▶ **Activity**
Nothing but the text belongs in the answer: the listing below, copied exactly, without pictures.

==== Dataset extract

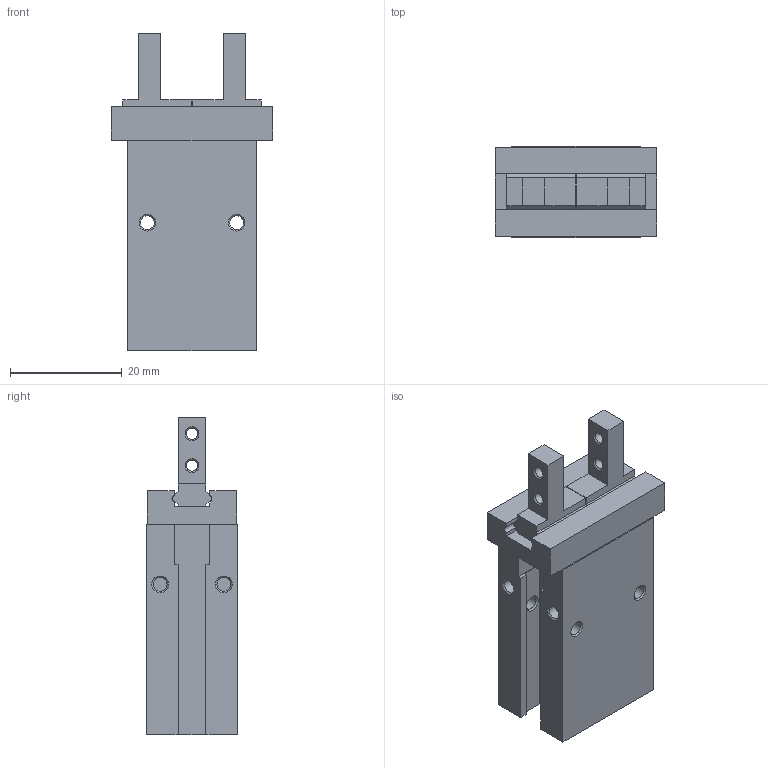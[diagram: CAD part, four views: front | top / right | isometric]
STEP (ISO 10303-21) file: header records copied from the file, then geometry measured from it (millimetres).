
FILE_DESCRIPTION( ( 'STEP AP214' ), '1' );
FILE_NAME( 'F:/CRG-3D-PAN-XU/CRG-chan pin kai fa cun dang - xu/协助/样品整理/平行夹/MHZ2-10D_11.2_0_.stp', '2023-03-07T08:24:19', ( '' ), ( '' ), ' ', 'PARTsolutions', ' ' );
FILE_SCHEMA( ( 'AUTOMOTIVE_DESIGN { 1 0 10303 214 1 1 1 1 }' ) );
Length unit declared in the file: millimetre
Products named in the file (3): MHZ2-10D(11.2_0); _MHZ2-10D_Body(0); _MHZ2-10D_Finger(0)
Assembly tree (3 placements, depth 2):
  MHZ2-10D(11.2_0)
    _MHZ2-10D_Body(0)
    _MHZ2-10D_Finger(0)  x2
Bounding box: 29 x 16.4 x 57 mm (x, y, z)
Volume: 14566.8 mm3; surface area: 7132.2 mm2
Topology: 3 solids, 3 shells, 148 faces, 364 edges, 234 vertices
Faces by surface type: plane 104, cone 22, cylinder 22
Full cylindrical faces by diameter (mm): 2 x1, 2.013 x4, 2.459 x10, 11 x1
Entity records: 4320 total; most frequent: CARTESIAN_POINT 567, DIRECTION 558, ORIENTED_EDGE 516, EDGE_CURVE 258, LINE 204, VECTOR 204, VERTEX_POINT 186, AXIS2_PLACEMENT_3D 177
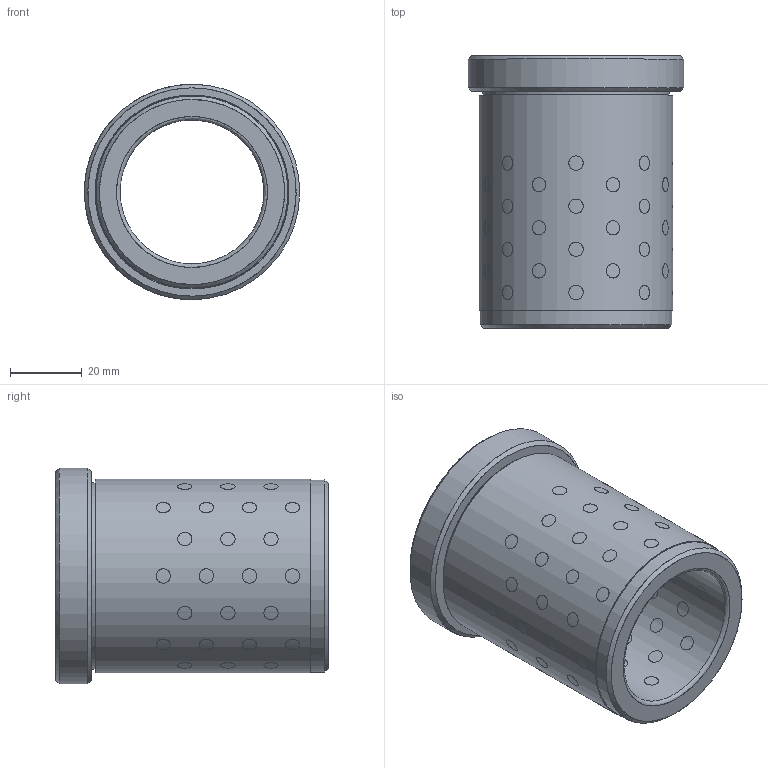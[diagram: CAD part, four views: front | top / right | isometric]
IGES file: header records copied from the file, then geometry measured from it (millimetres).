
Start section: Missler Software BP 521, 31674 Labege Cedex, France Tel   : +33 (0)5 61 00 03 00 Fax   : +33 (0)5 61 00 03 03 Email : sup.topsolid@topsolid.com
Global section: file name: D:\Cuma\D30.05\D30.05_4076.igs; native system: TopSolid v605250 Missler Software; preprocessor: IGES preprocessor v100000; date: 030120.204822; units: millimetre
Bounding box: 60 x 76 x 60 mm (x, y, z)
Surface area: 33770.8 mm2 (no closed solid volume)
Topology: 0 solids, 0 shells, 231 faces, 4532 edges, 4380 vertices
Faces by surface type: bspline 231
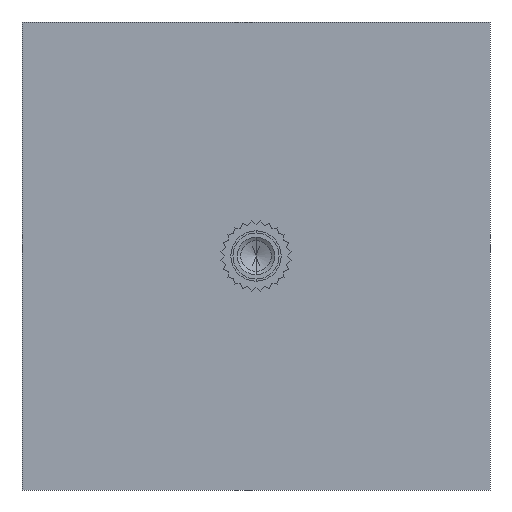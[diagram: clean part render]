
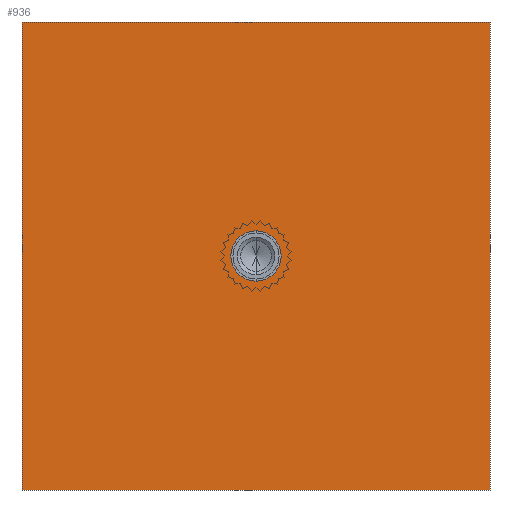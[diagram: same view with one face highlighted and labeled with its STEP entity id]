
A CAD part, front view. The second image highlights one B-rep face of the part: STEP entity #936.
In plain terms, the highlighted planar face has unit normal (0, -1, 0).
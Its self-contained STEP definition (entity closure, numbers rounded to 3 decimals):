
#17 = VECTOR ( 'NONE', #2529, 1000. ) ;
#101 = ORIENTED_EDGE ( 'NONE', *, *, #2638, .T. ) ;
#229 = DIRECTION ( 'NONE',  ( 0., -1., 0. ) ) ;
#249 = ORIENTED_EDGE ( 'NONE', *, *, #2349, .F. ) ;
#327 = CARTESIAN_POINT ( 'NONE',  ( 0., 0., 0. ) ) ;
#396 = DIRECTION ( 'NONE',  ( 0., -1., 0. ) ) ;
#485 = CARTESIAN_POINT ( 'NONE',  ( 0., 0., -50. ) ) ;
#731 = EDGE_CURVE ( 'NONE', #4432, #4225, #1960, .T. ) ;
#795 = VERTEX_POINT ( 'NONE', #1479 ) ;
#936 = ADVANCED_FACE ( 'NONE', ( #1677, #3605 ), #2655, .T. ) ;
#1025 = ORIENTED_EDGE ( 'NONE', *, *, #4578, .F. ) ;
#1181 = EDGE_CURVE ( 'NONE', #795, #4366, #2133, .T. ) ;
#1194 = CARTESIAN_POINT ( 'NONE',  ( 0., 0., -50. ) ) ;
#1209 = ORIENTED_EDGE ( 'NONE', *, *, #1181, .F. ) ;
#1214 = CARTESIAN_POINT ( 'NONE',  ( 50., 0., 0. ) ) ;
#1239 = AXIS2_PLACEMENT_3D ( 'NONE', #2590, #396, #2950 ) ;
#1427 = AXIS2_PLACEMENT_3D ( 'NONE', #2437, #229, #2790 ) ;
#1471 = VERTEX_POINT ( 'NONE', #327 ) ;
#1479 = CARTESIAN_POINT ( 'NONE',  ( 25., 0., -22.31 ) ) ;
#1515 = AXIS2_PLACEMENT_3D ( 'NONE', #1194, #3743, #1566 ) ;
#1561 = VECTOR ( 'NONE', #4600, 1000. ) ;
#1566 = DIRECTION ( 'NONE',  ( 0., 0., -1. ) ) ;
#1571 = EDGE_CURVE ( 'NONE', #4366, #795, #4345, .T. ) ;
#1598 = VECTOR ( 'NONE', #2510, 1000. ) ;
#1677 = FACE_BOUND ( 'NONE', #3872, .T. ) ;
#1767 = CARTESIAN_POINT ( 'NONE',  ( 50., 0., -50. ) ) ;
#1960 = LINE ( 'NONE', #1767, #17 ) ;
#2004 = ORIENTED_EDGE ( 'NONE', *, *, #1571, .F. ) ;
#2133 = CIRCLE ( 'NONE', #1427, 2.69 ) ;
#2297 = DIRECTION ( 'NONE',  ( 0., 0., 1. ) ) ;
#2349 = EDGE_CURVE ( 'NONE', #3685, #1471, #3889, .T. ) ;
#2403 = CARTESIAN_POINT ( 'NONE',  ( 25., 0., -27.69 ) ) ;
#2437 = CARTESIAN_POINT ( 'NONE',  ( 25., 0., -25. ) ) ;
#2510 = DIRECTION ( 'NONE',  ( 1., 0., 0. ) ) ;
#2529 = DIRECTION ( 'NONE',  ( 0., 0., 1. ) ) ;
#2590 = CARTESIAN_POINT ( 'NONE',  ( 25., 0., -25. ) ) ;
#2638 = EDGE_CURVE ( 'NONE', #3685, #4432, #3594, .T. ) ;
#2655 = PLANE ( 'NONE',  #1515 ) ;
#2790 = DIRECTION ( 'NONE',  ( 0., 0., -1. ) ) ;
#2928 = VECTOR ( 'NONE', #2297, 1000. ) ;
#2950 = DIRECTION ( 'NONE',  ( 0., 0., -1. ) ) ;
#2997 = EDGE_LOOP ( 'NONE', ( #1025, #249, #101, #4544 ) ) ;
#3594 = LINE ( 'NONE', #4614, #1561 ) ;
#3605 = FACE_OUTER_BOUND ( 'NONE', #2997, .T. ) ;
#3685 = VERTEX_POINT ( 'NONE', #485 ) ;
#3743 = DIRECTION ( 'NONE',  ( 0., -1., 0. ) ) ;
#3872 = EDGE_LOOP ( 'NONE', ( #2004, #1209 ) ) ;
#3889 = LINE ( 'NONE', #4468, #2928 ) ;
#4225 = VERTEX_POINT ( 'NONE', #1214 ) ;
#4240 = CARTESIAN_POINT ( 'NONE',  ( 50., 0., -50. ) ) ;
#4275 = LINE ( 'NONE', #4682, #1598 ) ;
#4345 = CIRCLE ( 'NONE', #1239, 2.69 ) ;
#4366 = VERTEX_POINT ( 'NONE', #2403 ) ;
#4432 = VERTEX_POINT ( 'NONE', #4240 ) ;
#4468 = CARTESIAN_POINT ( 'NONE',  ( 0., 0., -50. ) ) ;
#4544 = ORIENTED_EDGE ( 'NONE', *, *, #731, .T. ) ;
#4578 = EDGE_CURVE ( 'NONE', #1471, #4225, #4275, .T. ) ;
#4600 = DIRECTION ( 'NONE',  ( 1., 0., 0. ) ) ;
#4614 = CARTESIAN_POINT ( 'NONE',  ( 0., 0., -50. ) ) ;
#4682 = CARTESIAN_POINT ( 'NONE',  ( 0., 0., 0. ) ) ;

========

▶ **Exercise output**
[diagram: CAD part, four views: front | top / right | isometric]
STEP (ISO 10303-21) file: header records copied from the file, then geometry measured from it (millimetres).
FILE_DESCRIPTION( ( 'STEP AP214' ), '1' );
FILE_NAME( 'F:/CRG-3D-PAN-XU/CRG-chan pin kai fa cun dang - xu/协助/样品整理/平行夹/MHZ2-10D_11.2_0_.stp', '2023-03-07T08:24:19', ( '' ), ( '' ), ' ', 'PARTsolutions', ' ' );
FILE_SCHEMA( ( 'AUTOMOTIVE_DESIGN { 1 0 10303 214 1 1 1 1 }' ) );
Length unit declared in the file: millimetre
Products named in the file (3): MHZ2-10D(11.2_0); _MHZ2-10D_Body(0); _MHZ2-10D_Finger(0)
Assembly tree (3 placements, depth 2):
  MHZ2-10D(11.2_0)
    _MHZ2-10D_Body(0)
    _MHZ2-10D_Finger(0)  x2
Bounding box: 29 x 16.4 x 57 mm (x, y, z)
Volume: 14566.8 mm3; surface area: 7132.2 mm2
Topology: 3 solids, 3 shells, 148 faces, 364 edges, 234 vertices
Faces by surface type: plane 104, cone 22, cylinder 22
Full cylindrical faces by diameter (mm): 2 x1, 2.013 x4, 2.459 x10, 11 x1
Entity records: 4320 total; most frequent: CARTESIAN_POINT 567, DIRECTION 558, ORIENTED_EDGE 516, EDGE_CURVE 258, LINE 204, VECTOR 204, VERTEX_POINT 186, AXIS2_PLACEMENT_3D 177
[diagram: CAD part, four views: front | top / right | isometric]
IGES file: header records copied from the file, then geometry measured from it (millimetres).
Start section: Missler Software BP 521, 31674 Labege Cedex, France Tel   : +33 (0)5 61 00 03 00 Fax   : +33 (0)5 61 00 03 03 Email : sup.topsolid@topsolid.com
Global section: file name: D:\Cuma\D30.05\D30.05_4076.igs; native system: TopSolid v605250 Missler Software; preprocessor: IGES preprocessor v100000; date: 030120.204822; units: millimetre
Bounding box: 60 x 76 x 60 mm (x, y, z)
Surface area: 33770.8 mm2 (no closed solid volume)
Topology: 0 solids, 0 shells, 231 faces, 4532 edges, 4380 vertices
Faces by surface type: bspline 231
[diagram: clean part render]
[diagram: same view with one face highlighted and labeled with its STEP entity id]
A CAD part, front view. The second image highlights one B-rep face of the part: STEP entity #936.
In plain terms, the highlighted planar face has unit normal (0, -1, 0).
Its self-contained STEP definition (entity closure, numbers rounded to 3 decimals):
#17 = VECTOR ( 'NONE', #2529, 1000. ) ;
#101 = ORIENTED_EDGE ( 'NONE', *, *, #2638, .T. ) ;
#229 = DIRECTION ( 'NONE',  ( 0., -1., 0. ) ) ;
#249 = ORIENTED_EDGE ( 'NONE', *, *, #2349, .F. ) ;
#327 = CARTESIAN_POINT ( 'NONE',  ( 0., 0., 0. ) ) ;
#396 = DIRECTION ( 'NONE',  ( 0., -1., 0. ) ) ;
#485 = CARTESIAN_POINT ( 'NONE',  ( 0., 0., -50. ) ) ;
#731 = EDGE_CURVE ( 'NONE', #4432, #4225, #1960, .T. ) ;
#795 = VERTEX_POINT ( 'NONE', #1479 ) ;
#936 = ADVANCED_FACE ( 'NONE', ( #1677, #3605 ), #2655, .T. ) ;
#1025 = ORIENTED_EDGE ( 'NONE', *, *, #4578, .F. ) ;
#1181 = EDGE_CURVE ( 'NONE', #795, #4366, #2133, .T. ) ;
#1194 = CARTESIAN_POINT ( 'NONE',  ( 0., 0., -50. ) ) ;
#1209 = ORIENTED_EDGE ( 'NONE', *, *, #1181, .F. ) ;
#1214 = CARTESIAN_POINT ( 'NONE',  ( 50., 0., 0. ) ) ;
#1239 = AXIS2_PLACEMENT_3D ( 'NONE', #2590, #396, #2950 ) ;
#1427 = AXIS2_PLACEMENT_3D ( 'NONE', #2437, #229, #2790 ) ;
#1471 = VERTEX_POINT ( 'NONE', #327 ) ;
#1479 = CARTESIAN_POINT ( 'NONE',  ( 25., 0., -22.31 ) ) ;
#1515 = AXIS2_PLACEMENT_3D ( 'NONE', #1194, #3743, #1566 ) ;
#1561 = VECTOR ( 'NONE', #4600, 1000. ) ;
#1566 = DIRECTION ( 'NONE',  ( 0., 0., -1. ) ) ;
#1571 = EDGE_CURVE ( 'NONE', #4366, #795, #4345, .T. ) ;
#1598 = VECTOR ( 'NONE', #2510, 1000. ) ;
#1677 = FACE_BOUND ( 'NONE', #3872, .T. ) ;
#1767 = CARTESIAN_POINT ( 'NONE',  ( 50., 0., -50. ) ) ;
#1960 = LINE ( 'NONE', #1767, #17 ) ;
#2004 = ORIENTED_EDGE ( 'NONE', *, *, #1571, .F. ) ;
#2133 = CIRCLE ( 'NONE', #1427, 2.69 ) ;
#2297 = DIRECTION ( 'NONE',  ( 0., 0., 1. ) ) ;
#2349 = EDGE_CURVE ( 'NONE', #3685, #1471, #3889, .T. ) ;
#2403 = CARTESIAN_POINT ( 'NONE',  ( 25., 0., -27.69 ) ) ;
#2437 = CARTESIAN_POINT ( 'NONE',  ( 25., 0., -25. ) ) ;
#2510 = DIRECTION ( 'NONE',  ( 1., 0., 0. ) ) ;
#2529 = DIRECTION ( 'NONE',  ( 0., 0., 1. ) ) ;
#2590 = CARTESIAN_POINT ( 'NONE',  ( 25., 0., -25. ) ) ;
#2638 = EDGE_CURVE ( 'NONE', #3685, #4432, #3594, .T. ) ;
#2655 = PLANE ( 'NONE',  #1515 ) ;
#2790 = DIRECTION ( 'NONE',  ( 0., 0., -1. ) ) ;
#2928 = VECTOR ( 'NONE', #2297, 1000. ) ;
#2950 = DIRECTION ( 'NONE',  ( 0., 0., -1. ) ) ;
#2997 = EDGE_LOOP ( 'NONE', ( #1025, #249, #101, #4544 ) ) ;
#3594 = LINE ( 'NONE', #4614, #1561 ) ;
#3605 = FACE_OUTER_BOUND ( 'NONE', #2997, .T. ) ;
#3685 = VERTEX_POINT ( 'NONE', #485 ) ;
#3743 = DIRECTION ( 'NONE',  ( 0., -1., 0. ) ) ;
#3872 = EDGE_LOOP ( 'NONE', ( #2004, #1209 ) ) ;
#3889 = LINE ( 'NONE', #4468, #2928 ) ;
#4225 = VERTEX_POINT ( 'NONE', #1214 ) ;
#4240 = CARTESIAN_POINT ( 'NONE',  ( 50., 0., -50. ) ) ;
#4275 = LINE ( 'NONE', #4682, #1598 ) ;
#4345 = CIRCLE ( 'NONE', #1239, 2.69 ) ;
#4366 = VERTEX_POINT ( 'NONE', #2403 ) ;
#4432 = VERTEX_POINT ( 'NONE', #4240 ) ;
#4468 = CARTESIAN_POINT ( 'NONE',  ( 0., 0., -50. ) ) ;
#4544 = ORIENTED_EDGE ( 'NONE', *, *, #731, .T. ) ;
#4578 = EDGE_CURVE ( 'NONE', #1471, #4225, #4275, .T. ) ;
#4600 = DIRECTION ( 'NONE',  ( 1., 0., 0. ) ) ;
#4614 = CARTESIAN_POINT ( 'NONE',  ( 0., 0., -50. ) ) ;
#4682 = CARTESIAN_POINT ( 'NONE',  ( 0., 0., 0. ) ) ;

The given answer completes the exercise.